No, Zero Trust Isn't Impossible - Here's How to Achieve It

If you missed it the first time around, Zero Trust, at its simplest, is a model for information security – one that denies access to data until the user, device or network is proven to be legitimate.

Zero Trust works by enforcing three core principles across IT security applications:

1. Nobody is trusted as a default setting
2. Users have least privilege access to perform only the tasks they need and no more
3. Constant security monitors a wide variety of parameters changes and denies access in response to user/network changes

Zero Trust: From buzzword to key security concept

The Zero Trust model was initially popularized by Forrester in 2010, but it quickly fell out of favor among senior IT leaders and enterprises for several reasons:

• The risk of technical misinterpretation: Zero Trust has often been incorrectly interpreted to mean not trusting anyone under any circumstances
• Marketing buzzwords: The tendency to throw around the ‘Zero Trust’ term in marketing led to increased skepticism and rejection of the concept

By the mid-to-late 2010s, Forrester had revisited the concept with Zero Trust eXtended (ZTX), doubling down on data protection along with integration for a single view of the business and its sprawling IT ecosystem. Even then, they remained focused on micro-perimeters, before the trend toward perimeter-less security won favor among CISOs and IT operators.

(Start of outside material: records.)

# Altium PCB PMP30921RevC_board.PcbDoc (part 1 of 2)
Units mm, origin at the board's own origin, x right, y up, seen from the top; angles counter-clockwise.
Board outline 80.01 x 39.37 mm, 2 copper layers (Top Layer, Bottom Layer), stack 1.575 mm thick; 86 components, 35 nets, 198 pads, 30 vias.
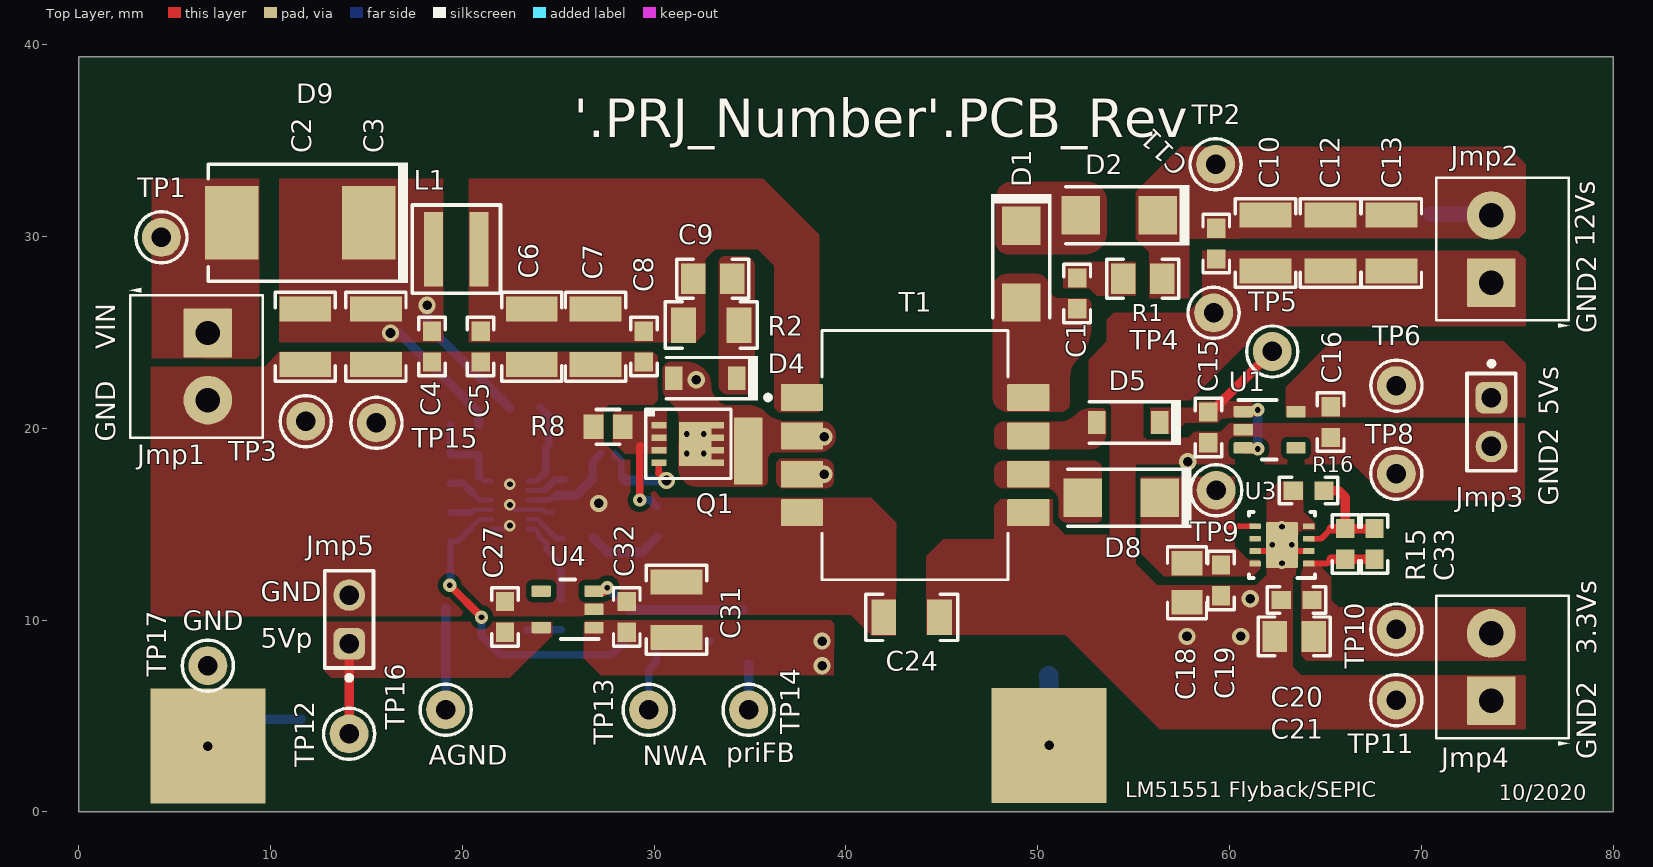
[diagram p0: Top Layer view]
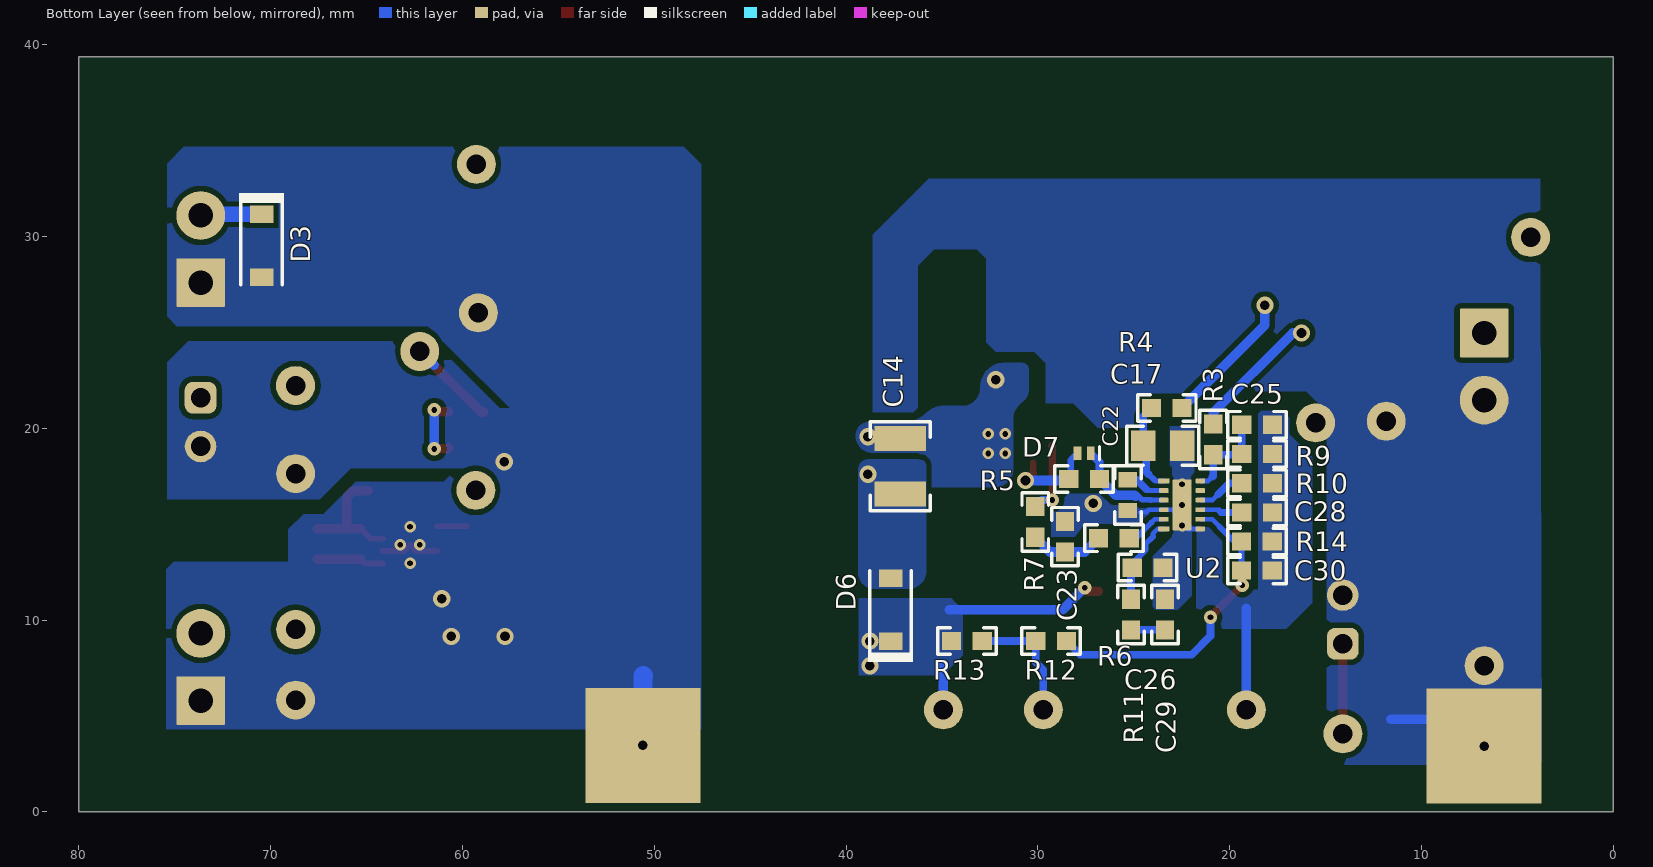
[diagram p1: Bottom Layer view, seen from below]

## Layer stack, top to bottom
Top Solder: solder mask 0.0102, Solder Resist, Dk 3.5
Top Layer: signal copper 0.0356
Dielectric1: core 1.5037, FR-4, Dk 4.8
Bottom Layer: signal copper 0.0356
Bottom Solder: solder mask 0.0102, Solder Resist, Dk 3.5

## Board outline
0,0 80.01,0 80.01,39.37 0,39.37

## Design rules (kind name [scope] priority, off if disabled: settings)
AcuteAngle [All] p1: minimum=4.50000000000000E+0001 checktracksonly=FALSE
AssemblyTestPointUsage [All] p1: valid=2
BoardOutlineClearance BoardOutlineClearance_MountingHoles [OnCopper and InComponentClass('Mounting Holes')] p1: gap=1 ignorepadtopadclearanceinfootprint=FALSE
BoardOutlineClearance BoardOutlineClearance_Poly [OnCopper and IsPoly] p2: gap=0.635 ignorepadtopadclearanceinfootprint=FALSE
BoardOutlineClearance [OnCopper and Not InComponentClass('Logo') and not InComponentClass('FiducialMark') and not InRegion(1000,500,4000,800) and not InPoly] p3: gap=1.905 ignorepadtopadclearanceinfootprint=FALSE
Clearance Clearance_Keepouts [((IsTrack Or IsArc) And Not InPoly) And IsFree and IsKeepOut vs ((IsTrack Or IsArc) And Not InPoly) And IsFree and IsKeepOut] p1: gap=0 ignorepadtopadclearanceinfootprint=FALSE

Fortunately, now that IT security has matured and the CISO role is more formalized across enterprises, the value proposition of modern Zero Trust in a cloud-centric environment is clearer.

What is the modern definition of Zero Trust?

Today, the concept, if not the phrase “zero trust” itself, is used by the likes of the Cybersecurity and Infrastructure Security Agency (CISA) and the National Institute of Standards and Technology (NIST). They promote it as an agnostic maturity model to measure business readiness to defend itself against cyberattacks and ensure data is accessedproperly through valid network and component relationships, workflow planning and secure policies.

The aim of Zero Trust is to reduce the number of weak points (accounts, supervisor accounts and passwords) and attack vectors to as close to zero as possible. The fewer there are, the less risk.

In the IT world, firms use segmentation and rules-based approaches, often powered by machine learning, to eliminate weaknesses, making use of Identity Access Management (IAM) and Privileged Access Management (PAM) tools to bring existing IT on-premises systems up to speed.

As mentioned, perimeter-less security is the new goal. As enterprise IT has become more cloud-centric, being perimeter-less makes more sense, with many businesses faced with a nebulous and ever-changing perimeter that is impossible to defend with traditional security tools.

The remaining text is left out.